_BRIEF:_
Repeat the data below in full. Pictures must not be part of the copy.

(EXTRACTED RECORDS Opens)

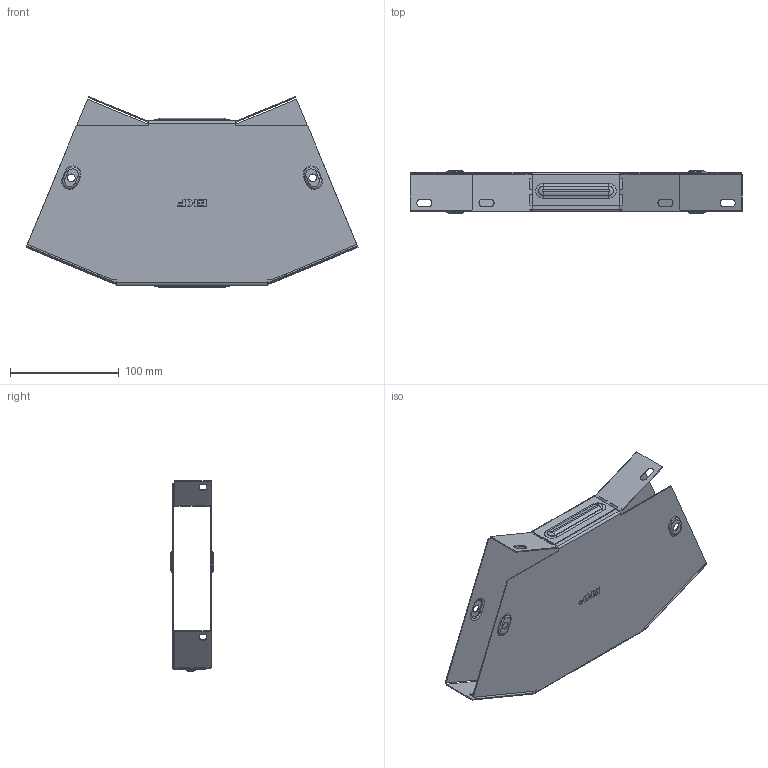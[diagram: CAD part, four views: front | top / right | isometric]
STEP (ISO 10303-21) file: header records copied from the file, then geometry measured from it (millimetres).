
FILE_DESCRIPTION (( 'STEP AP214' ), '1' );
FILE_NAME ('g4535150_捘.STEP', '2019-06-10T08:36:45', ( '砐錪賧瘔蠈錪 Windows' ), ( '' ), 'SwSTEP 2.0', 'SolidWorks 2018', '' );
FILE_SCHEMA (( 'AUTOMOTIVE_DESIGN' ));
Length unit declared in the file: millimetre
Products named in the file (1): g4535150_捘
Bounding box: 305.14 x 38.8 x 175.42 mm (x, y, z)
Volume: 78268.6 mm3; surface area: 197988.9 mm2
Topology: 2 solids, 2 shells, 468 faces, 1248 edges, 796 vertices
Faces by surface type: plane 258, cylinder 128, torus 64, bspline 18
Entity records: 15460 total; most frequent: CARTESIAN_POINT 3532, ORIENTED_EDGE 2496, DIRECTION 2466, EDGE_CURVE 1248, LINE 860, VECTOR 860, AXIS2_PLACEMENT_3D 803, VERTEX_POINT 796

(EXTRACTED RECORDS Closes)

_OUTPUT OF THE TASK:_
[diagram: CAD part, four views: front | top / right | isometric]
STEP (ISO 10303-21) file: header records copied from the file, then geometry measured from it (millimetres).
FILE_DESCRIPTION (( 'STEP AP214' ), '1' );
FILE_NAME ('g4535150_捘.STEP', '2019-06-10T08:36:45', ( '砐錪賧瘔蠈錪 Windows' ), ( '' ), 'SwSTEP 2.0', 'SolidWorks 2018', '' );
FILE_SCHEMA (( 'AUTOMOTIVE_DESIGN' ));
Length unit declared in the file: millimetre
Products named in the file (1): g4535150_捘
Bounding box: 305.14 x 38.8 x 175.42 mm (x, y, z)
Volume: 78268.6 mm3; surface area: 197988.9 mm2
Topology: 2 solids, 2 shells, 468 faces, 1248 edges, 796 vertices
Faces by surface type: plane 258, cylinder 128, torus 64, bspline 18
Entity records: 15460 total; most frequent: CARTESIAN_POINT 3532, ORIENTED_EDGE 2496, DIRECTION 2466, EDGE_CURVE 1248, LINE 860, VECTOR 860, AXIS2_PLACEMENT_3D 803, VERTEX_POINT 796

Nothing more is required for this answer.